Segment Start: Source records
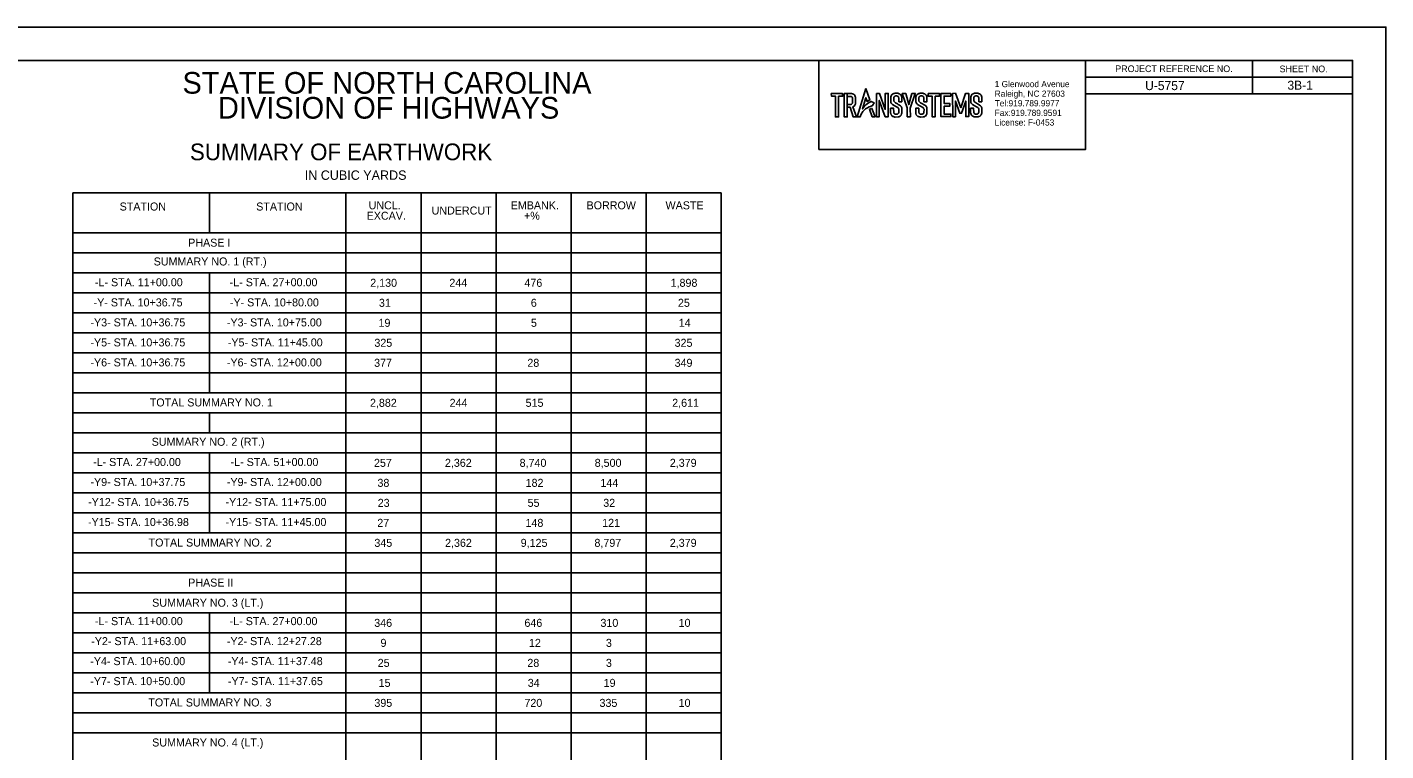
# Model space of a CAD drawing. Extents: x 573680 to 575380, y -53324 to -52224.
# Drawn here: x 574361 to 575380, y -52767 to -52224 of the extents above; entities that cross this region are included whole.
import ezdxf

# ---------------------------------------------------------------- set-up
doc = ezdxf.new("R2010")
doc.units = 0
for name, color, linetype in [('Old_Level_1', 7, 'Continuous'), ('Old_Level_2', 7, 'Continuous'), ('Old_Level_58', 7, 'Continuous'), ('Sheet Data Field CELL', 7, 'Continuous'), ('Sheet Plan And Profile CELL', 7, 'Continuous'), ('Sheet Plot Border Outside CELL', 7, 'Continuous'), ('Sheet Summary Combination CELL', 7, 'Continuous'), ('Sheet Summary Combination Grid CELL', 7, 'Continuous')]:
    doc.layers.add(name, color=color, linetype=linetype)

msp = doc.modelspace()

# ---------------------------------------------------------------- linework, layer by layer
at = {"layer": 'Old_Level_1'}
for points in [[(574964.1, -52274.1), (574972.6, -52274.1), (574972.6, -52276.1), (574969.5, -52276.1), (574969.5, -52291.6), (574967.2, -52291.6), (574967.2, -52276), (574964.2, -52276)], [(574973.8, -52274.1), (574976.1, -52274.1), (574976.1, -52291.6), (574973.8, -52291.6)], [(574976.1, -52276.2), (574978.5, -52276.2), (574978.8, -52276.2), (574979.2, -52276.4), (574979.5, -52276.6), (574979.7, -52276.9), (574979.9, -52277.2), (574980, -52277.5), (574980, -52278), (574980, -52280.5), (574980, -52280.9), (574979.9, -52281.3), (574979.7, -52281.6), (574979.5, -52281.9), (574979.3, -52282.1), (574978.9, -52282.2), (574978.5, -52282.3), (574978.2, -52282.3), (574976.1, -52282.3), (574976.1, -52284.4), (574978.2, -52284.4), (574980.6, -52291.6), (574983, -52291.5), (574980.3, -52284), (574980.7, -52283.9), (574981.3, -52283.5), (574981.7, -52282.9), (574982.1, -52282.3), (574982.3, -52281.7), (574982.3, -52281.5), (574982.3, -52276.9), (574982.1, -52276.2), (574981.8, -52275.5), (574981.4, -52275), (574980.7, -52274.6), (574980, -52274.3), (574979.3, -52274.1), (574978.9, -52274.1), (574976.1, -52274.1)], [(574990.1, -52270.2), (574983.4, -52291.6), (574985.7, -52291.6), (574986, -52290.7), (574986.6, -52289.6), (574986.9, -52288.9), (574987.3, -52288.4), (574987.8, -52287.6), (574988.1, -52287.2), (574988.5, -52286.8), (574988.9, -52286.4), (574989.4, -52285.9), (574989.8, -52285.6), (574990.2, -52285.3), (574990.8, -52285), (574991.2, -52284.7), (574992.5, -52284.1), (574993.5, -52283.7), (574995.1, -52283.1), (574996.2, -52281), (574994.1, -52280), (574992.4, -52280.9), (574991.1, -52281.8), (574990.1, -52282.6), (574989.6, -52283.1), (574989, -52283.6), (574988.5, -52284.2), (574988.1, -52284.6), (574987.7, -52285.3), (574987.5, -52285.6), (574990.1, -52277.2), (574991.1, -52280.1), (574993, -52278.9)], [(574997.9, -52274), (574997.9, -52291.5), (575000.1, -52291.5), (575000.1, -52279.2), (575004.6, -52291.5), (575006.8, -52291.5), (575006.8, -52274), (575004.6, -52274), (575004.6, -52286), (575000.2, -52274)], [(575014.6, -52280.2), (575016.9, -52280.2), (575016.9, -52276.7), (575016.7, -52276), (575016.4, -52275.4), (575016.1, -52275.1), (575015.7, -52274.7), (575015.3, -52274.4), (575014.9, -52274.2), (575014.9, -52274.2), (575014.4, -52274), (575013.9, -52273.9), (575013.6, -52273.8), (575011.9, -52273.9), (575011.3, -52274), (575010.9, -52274.1), (575010.4, -52274.3), (575010, -52274.5), (575009.6, -52274.8), (575009.3, -52275.1), (575009.1, -52275.5), (575008.9, -52275.9), (575008.6, -52276.6), (575008.6, -52277.1), (575008.6, -52280.2), (575008.7, -52280.7), (575008.9, -52281.2), (575009.2, -52281.6), (575009.5, -52281.9), (575009.9, -52282.3), (575010.4, -52282.6), (575010.7, -52282.8), (575011.2, -52283.1), (575011.7, -52283.3), (575012, -52283.6), (575012.5, -52283.8), (575013, -52284.1), (575013.4, -52284.3), (575013.9, -52284.6), (575014.2, -52284.9), (575014.4, -52285.2), (575014.6, -52285.7), (575014.7, -52286), (575014.6, -52288.2), (575014.5, -52288.7), (575014.2, -52289.1), (575013.9, -52289.4), (575013.6, -52289.5), (575013.2, -52289.6), (575012.3, -52289.6), (575011.9, -52289.5), (575011.6, -52289.4), (575011.3, -52289.2), (575011.1, -52288.8), (575011, -52288.5), (575010.9, -52288.2), (575010.8, -52285.1), (575008.5, -52285.1), (575008.5, -52288.8), (575008.7, -52289.1), (575008.9, -52290), (575009.1, -52290.3), (575009.4, -52290.6), (575009.7, -52291), (575010, -52291.2), (575010.5, -52291.4), (575010.6, -52291.4), (575011.1, -52291.6), (575011.6, -52291.7), (575012, -52291.7), (575014.1, -52291.6), (575014.7, -52291.5), (575015.6, -52291.1), (575015.8, -52291), (575016.5, -52290.2), (575016.8, -52289.4), (575016.9, -52288.7), (575016.9, -52285.3), (575016.9, -52284.8), (575016.8, -52284.4), (575016.6, -52284.1), (575016, -52283.3), (575015.3, -52282.8), (575014.3, -52282.2), (575013.6, -52281.7), (575012.1, -52281), (575011.4, -52280.4), (575011.1, -52280), (575011, -52279.7), (575010.9, -52279.4), (575010.9, -52277), (575011.1, -52276.7), (575011.2, -52276.5), (575011.4, -52276.3), (575011.6, -52276.1), (575011.9, -52276), (575012.1, -52275.9), (575012.3, -52276), (575012.3, -52275.9), (575013.2, -52275.9), (575013.5, -52276), (575013.8, -52276.1), (575014.1, -52276.2), (575014.2, -52276.4), (575014.4, -52276.7), (575014.5, -52277), (575014.6, -52277.2), (575014.6, -52277.6)], [(575019.9, -52274), (575017.3, -52274), (575020.9, -52284.9), (575021, -52291.5), (575023.4, -52291.5), (575023.3, -52285), (575027, -52274), (575024.5, -52274.1), (575022.2, -52282.4)], [(575033.5, -52280.2), (575035.8, -52280.2), (575035.8, -52276.7), (575035.6, -52276), (575035.3, -52275.4), (575035, -52275), (575034.6, -52274.7), (575034.2, -52274.4), (575033.7, -52274.2), (575033.7, -52274.2), (575033.3, -52274), (575032.8, -52273.9), (575032.5, -52273.8), (575030.7, -52273.9), (575030.2, -52274), (575029.8, -52274), (575029.3, -52274.3), (575028.9, -52274.5), (575028.5, -52274.8), (575028.2, -52275.1), (575027.9, -52275.4), (575027.7, -52275.8), (575027.5, -52276.5), (575027.4, -52277.1), (575027.4, -52280.2), (575027.6, -52280.7), (575027.8, -52281.2), (575028.1, -52281.6), (575028.4, -52281.9), (575028.8, -52282.3), (575029.3, -52282.6), (575029.6, -52282.8), (575030, -52283.1), (575030.5, -52283.3), (575030.9, -52283.5), (575031.4, -52283.8), (575031.9, -52284.1), (575032.3, -52284.3), (575032.7, -52284.6), (575033.1, -52284.9), (575033.3, -52285.2), (575033.5, -52285.6), (575033.6, -52285.9), (575033.5, -52288.2), (575033.4, -52288.7), (575033.1, -52289.1), (575032.8, -52289.4), (575032.4, -52289.5), (575032.1, -52289.6), (575031.1, -52289.6), (575030.8, -52289.5), (575030.5, -52289.3), (575030.1, -52289.1), (575030, -52288.8), (575029.9, -52288.5), (575029.7, -52288.2), (575029.7, -52285.1), (575027.4, -52285.1), (575027.4, -52288.8), (575027.5, -52289.1), (575027.8, -52290), (575028, -52290.3), (575028.2, -52290.6), (575028.6, -52291), (575028.9, -52291.2), (575029.4, -52291.3), (575029.5, -52291.4), (575029.9, -52291.6), (575030.5, -52291.6), (575030.9, -52291.7), (575033, -52291.6), (575033.6, -52291.5), (575034.4, -52291.1), (575034.7, -52291), (575035.3, -52290.2), (575035.7, -52289.4), (575035.8, -52288.7), (575035.8, -52285.3), (575035.8, -52284.8), (575035.6, -52284.4), (575035.4, -52284.1), (575034.9, -52283.3), (575034.2, -52282.8), (575033.2, -52282.2), (575032.5, -52281.7), (575031, -52281), (575030.3, -52280.4), (575029.9, -52280), (575029.8, -52279.7), (575029.8, -52279.4), (575029.8, -52277), (575029.9, -52276.7), (575030.1, -52276.5), (575030.2, -52276.3), (575030.5, -52276.1), (575030.7, -52276), (575031, -52275.9), (575031.1, -52275.9), (575031.2, -52275.9), (575032.1, -52275.9), (575032.4, -52276), (575032.7, -52276.1), (575032.9, -52276.2), (575033.1, -52276.4), (575033.3, -52276.7), (575033.4, -52277), (575033.4, -52277.2), (575033.4, -52277.5)], [(575036.6, -52274), (575045.1, -52274), (575045.1, -52276.1), (575042, -52276.1), (575042, -52291.5), (575039.6, -52291.5), (575039.6, -52276), (575036.6, -52276)], [(575053.7, -52274), (575046.3, -52274), (575046.3, -52291.4), (575053.8, -52291.4), (575053.8, -52289.5), (575048.7, -52289.5), (575048.7, -52283.6), (575052.9, -52283.6), (575052.9, -52281.5), (575048.7, -52281.5), (575048.7, -52276), (575053.7, -52276)], [(575061.1, -52284.9), (575057.2, -52273.9), (575055, -52274), (575055.1, -52291.5), (575057.2, -52291.5), (575057.2, -52279.8), (575060.4, -52288.8), (575061.8, -52288.8), (575064.9, -52279.7), (575064.9, -52291.4), (575067.2, -52291.4), (575067.1, -52274), (575064.8, -52274)], [(575074.6, -52280.2), (575076.9, -52280.2), (575076.9, -52276.7), (575076.7, -52276), (575076.4, -52275.4), (575076.1, -52275), (575075.7, -52274.6), (575075.3, -52274.4), (575074.9, -52274.2), (575074.9, -52274.2), (575074.4, -52274), (575073.9, -52273.9), (575073.6, -52273.8), (575071.9, -52273.8), (575071.3, -52273.9), (575070.9, -52274), (575070.4, -52274.2), (575070, -52274.4), (575069.6, -52274.7), (575069.3, -52275), (575069.1, -52275.4), (575068.9, -52275.8), (575068.6, -52276.5), (575068.6, -52277), (575068.6, -52280.2), (575068.7, -52280.7), (575068.9, -52281.2), (575069.2, -52281.6), (575069.5, -52281.9), (575070, -52282.2), (575070.4, -52282.6), (575070.7, -52282.8), (575071.2, -52283), (575071.7, -52283.2), (575072, -52283.5), (575072.5, -52283.8), (575073, -52284), (575073.4, -52284.3), (575073.9, -52284.6), (575074.2, -52284.9), (575074.4, -52285.1), (575074.6, -52285.6), (575074.7, -52285.9), (575074.7, -52288.1), (575074.5, -52288.6), (575074.2, -52289), (575073.9, -52289.3), (575073.6, -52289.5), (575073.2, -52289.6), (575072.3, -52289.6), (575071.9, -52289.5), (575071.6, -52289.3), (575071.3, -52289.1), (575071.1, -52288.8), (575071, -52288.4), (575070.9, -52288.2), (575070.8, -52285.1), (575068.5, -52285.1), (575068.5, -52288.8), (575068.7, -52289.1), (575068.9, -52289.9), (575069.1, -52290.2), (575069.4, -52290.5), (575069.7, -52290.9), (575070.1, -52291.1), (575070.5, -52291.3), (575070.6, -52291.4), (575071.1, -52291.5), (575071.6, -52291.6), (575072, -52291.6), (575074.1, -52291.6), (575074.7, -52291.4), (575075.6, -52291.1), (575075.8, -52290.9), (575076.5, -52290.1), (575076.8, -52289.4), (575077, -52288.7), (575076.9, -52285.2), (575076.9, -52284.8), (575076.8, -52284.4), (575076.6, -52284), (575076, -52283.3), (575075.3, -52282.7), (575074.3, -52282.1), (575073.6, -52281.7), (575072.1, -52280.9), (575071.4, -52280.4), (575071.1, -52279.9), (575071, -52279.7), (575070.9, -52279.4), (575070.9, -52276.9), (575071.1, -52276.7), (575071.2, -52276.4), (575071.4, -52276.3), (575071.6, -52276.1), (575071.9, -52276), (575072.1, -52275.9), (575072.3, -52275.9), (575072.3, -52275.8), (575073.2, -52275.8), (575073.5, -52275.9), (575073.8, -52276.1), (575074.1, -52276.2), (575074.2, -52276.4), (575074.4, -52276.6), (575074.5, -52276.9), (575074.6, -52277.2), (575074.6, -52277.5)], [(574992.7, -52285.9), (574994.6, -52285.2), (574996.9, -52291.6), (574994.8, -52291.5)]]:
    msp.add_lwpolyline(points, close=True, dxfattribs=at)
at = {"layer": 'Old_Level_58'}
msp.add_lwpolyline([(574954.8, -52249.3), (575154.8, -52249.3), (575154.8, -52316), (574954.8, -52316)], close=True, dxfattribs=at)
at = {"layer": 'Sheet Plan And Profile CELL'}
for points in [[(575354.9, -52249.3), (573854.9, -52249.3), (573854.9, -53299.3), (575354.9, -53299.3)], [(575154.8, -52249.3), (575354.9, -52249.3), (575354.9, -52274.4), (575154.8, -52274.4)]]:
    msp.add_lwpolyline(points, close=True, dxfattribs=at)
at = {"layer": 'Sheet Plot Border Outside CELL'}
msp.add_lwpolyline([(573679.9, -53324.3), (575379.9, -53324.3), (575379.9, -52224.3), (573679.9, -52224.3)], close=True, dxfattribs=at)
at = {"layer": 'Sheet Summary Combination CELL'}
for p, q in [((575279.9, -52249.4), (575279.9, -52274.4)), ((575154.8, -52261.9), (575354.9, -52261.9)), ((575154.8, -52274.4), (575354.9, -52274.4)), ((574526.7, -52348.5), (574526.7, -52348.5)), ((574534.2, -52348.6), (574534.2, -52348.6)), ((574545, -52348.4), (574545, -52348.4)), ((574551.7, -52348.5), (574551.7, -52348.5))]:
    msp.add_line(p, q, dxfattribs=at)
msp.add_lwpolyline([(575154.8, -52249.3), (575354.9, -52249.3), (575354.9, -52274.4), (575154.8, -52274.4)], close=True, dxfattribs=at)
at = {"layer": 'Sheet Summary Combination Grid CELL'}
for p, q in [((574395.4, -52348.5), (574881.6, -52348.5)), ((574395.4, -52348.5), (574395.4, -53023.5)), ((574497.9, -52348.5), (574497.9, -52378.5)), ((574600.2, -52348.5), (574600.2, -53023.5)), ((574656.5, -52348.5), (574656.5, -53023.5)), ((574712.8, -52348.5), (574712.8, -53023.5)), ((574769.1, -52348.5), (574769.1, -53023.5)), ((574825.3, -52348.5), (574825.3, -53023.5)), ((574881.6, -52348.5), (574881.6, -53023.5)), ((574395.4, -52378.5), (574881.6, -52378.5)), ((574395.4, -52393.5), (574881.6, -52393.5)), ((574395.4, -52408.5), (574881.6, -52408.5)), ((574497.9, -52408.6), (574497.9, -52498.5)), ((574395.4, -52423.5), (574881.6, -52423.5)), ((574395.4, -52438.5), (574881.6, -52438.5)), ((574395.4, -52453.5), (574881.6, -52453.5)), ((574395.4, -52468.5), (574881.6, -52468.5)), ((574395.4, -52483.5), (574881.6, -52483.5)), ((574395.4, -52498.5), (574881.6, -52498.5)), ((574395.4, -52513.5), (574881.6, -52513.5)), ((574497.9, -52513.5), (574497.9, -52528.5)), ((574395.4, -52528.5), (574881.6, -52528.5)), ((574395.4, -52543.5), (574881.6, -52543.5)), ((574497.9, -52543.5), (574497.9, -52603.5)), ((574395.4, -52558.5), (574881.6, -52558.5)), ((574395.4, -52573.5), (574881.6, -52573.5)), ((574395.4, -52588.5), (574881.6, -52588.5)), ((574395.4, -52603.5), (574881.6, -52603.5)), ((574395.4, -52618.5), (574881.6, -52618.5)), ((574395.4, -52633.5), (574881.6, -52633.5)), ((574395.4, -52648.5), (574881.6, -52648.5)), ((574395.4, -52663.5), (574881.6, -52663.5)), ((574497.9, -52663.5), (574497.9, -52723.5)), ((574395.4, -52678.5), (574881.6, -52678.5)), ((574395.4, -52693.5), (574881.6, -52693.5)), ((574395.4, -52708.5), (574881.6, -52708.5)), ((574395.4, -52723.5), (574881.6, -52723.5)), ((574395.4, -52738.5), (574881.6, -52738.5)), ((574395.4, -52738.5), (574881.6, -52738.5)), ((574395.4, -52753.5), (574881.6, -52753.5))]:
    msp.add_line(p, q, dxfattribs=at)

# ---------------------------------------------------------------- texts
at = {"layer": 'Old_Level_2'}
for s, p in [('1 Glenwood Avenue', (575086.6, -52269.3)), ('Tel:919.789.9977 ', (575086.6, -52283.7)), ('Raleigh, NC 27603', (575086.6, -52276.5)), ('Fax:919.789.9591', (575086.6, -52290.9)), ('License: F-0453', (575086.6, -52298.1))]:
    msp.add_text(s, height=4.658, rotation=360, dxfattribs=at).set_placement(p)
at = {"layer": 'Sheet Data Field CELL'}
for s, p in [('U-5757', (575199.4, -52271.5)), ('3B-1', (575306.1, -52271.2))]:
    msp.add_text(s, height=6.75, dxfattribs=at).set_placement(p)
at = {"layer": 'Sheet Plan And Profile CELL'}
for s, p in [('PROJECT REFERENCE NO.', (575177, -52258)), ('SHEET NO.', (575300.2, -52258.1))]:
    msp.add_text(s, height=5, rotation=360, dxfattribs=at).set_placement(p)
at = {"layer": 'Sheet Summary Combination CELL'}
for s, height, p in [('STATE OF NORTH CAROLINA', 16.25, (574477.6, -52274.2)), ('PROJECT REFERENCE NO.', 5, (575177, -52258)), ('SHEET NO.', 5, (575300.2, -52258.1)), ('DIVISION OF HIGHWAYS', 16.25, (574504.2, -52292.9)), ('STATION', 6, (574430.5, -52361.8)), ('STATION', 6, (574532.9, -52361.8)), ('UNCL.', 6, (574617.2, -52360.9)), ('UNDERCUT', 6, (574664.4, -52364.8)), ('EMBANK.', 6, (574723.7, -52360.9)), ('BORROW', 6, (574780.6, -52360.9)), ('WASTE', 6, (574839.8, -52360.9)), ('EXCAV.', 6, (574615.7, -52368.7)), ('+%', 6, (574733.7, -52368.7)), ('PHASE I', 6, (574481.9, -52388.9)), ('SUMMARY NO. 1 (RT.)', 6, (574456, -52403)), ('-L- STA. 11+00.00', 6, (574412, -52418.6)), ('-L- STA. 27+00.00', 6, (574513, -52418.6)), ('2,130', 6, (574618.4, -52419)), ('244', 6, (574677.7, -52419)), ('476', 6, (574734, -52419)), ('1,898', 6, (574843.6, -52419)), ('-Y- STA. 10+36.75', 6, (574411, -52433.7)), ('-Y- STA. 10+80.00', 6, (574513.2, -52433.7)), ('31', 6, (574624.9, -52434)), ('6', 6, (574738.8, -52434)), ('25', 6, (574849.1, -52434)), ('-Y3- STA. 10+36.75', 6, (574408.6, -52448.7)), ('-Y3- STA. 10+75.00', 6, (574510.9, -52448.7)), ('19', 6, (574624.6, -52449)), ('5', 6, (574738.9, -52449)), ('14', 6, (574849.7, -52449)), ('-Y5- STA. 10+36.75', 6, (574408.6, -52463.7)), ('-Y5- STA. 11+45.00', 6, (574511.6, -52463.7)), ('325', 6, (574621.5, -52464)), ('325', 6, (574846.6, -52464)), ('-Y6- STA. 10+36.75', 6, (574408.6, -52478.7)), ('-Y6- STA. 12+00.00', 6, (574510.9, -52478.7)), ('377', 6, (574621.3, -52479)), ('28', 6, (574736.2, -52479)), ('349', 6, (574846.6, -52479)), ('TOTAL SUMMARY NO. 1', 6, (574453.1, -52508.7)), ('2,882', 6, (574618.2, -52509)), ('244', 6, (574677.9, -52509)), ('515', 6, (574734.9, -52509)), ('2,611', 6, (574844.8, -52509)), ('SUMMARY NO. 2 (RT.)', 6, (574454.5, -52538.2)), ('-L- STA. 27+00.00', 6, (574410.6, -52553.4)), ('-L- STA. 51+00.00', 6, (574513.7, -52553.4)), ('257', 6, (574621.2, -52554)), ('2,362', 6, (574674.4, -52554)), ('8,740', 6, (574730.4, -52554)), ('8,500', 6, (574786.7, -52554)), ('2,379', 6, (574843, -52554)), ('-Y9- STA. 10+37.75', 6, (574408.6, -52568.4)), ('-Y9- STA. 12+00.00', 6, (574510.9, -52568.4)), ('38', 6, (574623.8, -52569)), ('182', 6, (574734.9, -52569)), ('144', 6, (574791, -52569)), ('-Y12- STA. 10+36.75', 6, (574406.9, -52583.4)), ('-Y12- STA. 11+75.00', 6, (574509.9, -52583.4)), ('23', 6, (574624, -52584)), ('55', 6, (574736.4, -52584)), ('32', 6, (574793.1, -52584)), ('-Y15- STA. 10+36.98', 6, (574406.8, -52598.4)), ('-Y15- STA. 11+45.00', 6, (574509.9, -52598.4)), ('27', 6, (574623.7, -52599)), ('148', 6, (574734.8, -52599)), ('121', 6, (574792.3, -52599)), ('TOTAL SUMMARY NO. 2', 6, (574452.2, -52613.8)), ('345', 6, (574621.5, -52614)), ('2,362', 6, (574674.5, -52614)), ('9,125', 6, (574731.2, -52614)), ('8,797', 6, (574786.5, -52614)), ('2,379', 6, (574843, -52614)), ('PHASE II', 6, (574481.9, -52643.8)), ('SUMMARY NO. 3 (LT.)', 6, (574454.9, -52658.9)), ('-L- STA. 11+00.00', 6, (574412, -52672.7)), ('-L- STA. 27+00.00', 6, (574513, -52672.7)), ('346', 6, (574621.4, -52674)), ('646', 6, (574734, -52674)), ('310', 6, (574791, -52674)), ('10', 6, (574849.6, -52674)), ('-Y2- STA. 11+63.00', 6, (574409.2, -52687.7)), ('-Y2- STA. 12+27.28', 6, (574510.9, -52687.7)), ('9', 6, (574626.1, -52689)), ('12', 6, (574737.4, -52689)), ('3', 6, (574795.1, -52689)), ('-Y4- STA. 10+60.00', 6, (574408.5, -52702.7)), ('-Y4- STA. 11+37.48', 6, (574511.6, -52702.7)), ('25', 6, (574624, -52704)), ('28', 6, (574736.2, -52704)), ('3', 6, (574795.1, -52704)), ('-Y7- STA. 10+50.00', 6, (574408.5, -52717.7)), ('-Y7- STA. 11+37.65', 6, (574511.7, -52717.7)), ('15', 6, (574624.7, -52719)), ('34', 6, (574736.5, -52719)), ('19', 6, (574793.4, -52719)), ('TOTAL SUMMARY NO. 3', 6, (574452, -52733.7)), ('395', 6, (574621.5, -52734)), ('720', 6, (574734, -52734)), ('335', 6, (574790.3, -52734)), ('10', 6, (574849.6, -52734)), ('SUMMARY NO. 4 (LT.)', 6, (574454.9, -52763.7))]:
    msp.add_text(s, height=height, dxfattribs=at).set_placement(p)
for s, height, p in [('SUMMARY OF EARTHWORK', 12.5, (574483.2, -52324.1)), ('IN CUBIC YARDS', 7.031, (574569.3, -52338.8))]:
    msp.add_text(s, height=height, rotation=0.0119, dxfattribs=at).set_placement(p)

doc.saveas('drawing.dxf')
Segment End: Source records
Problem to solve –
Retype the records above word for word, from their first line through the line containing "doc.units = 0", and leave out every picture.

Exercise response –
# Model space of a CAD drawing. Extents: x 573680 to 575380, y -53324 to -52224.
# Drawn here: x 574361 to 575380, y -52767 to -52224 of the extents above; entities that cross this region are included whole.
import ezdxf

# ---------------------------------------------------------------- set-up
doc = ezdxf.new("R2010")
doc.units = 0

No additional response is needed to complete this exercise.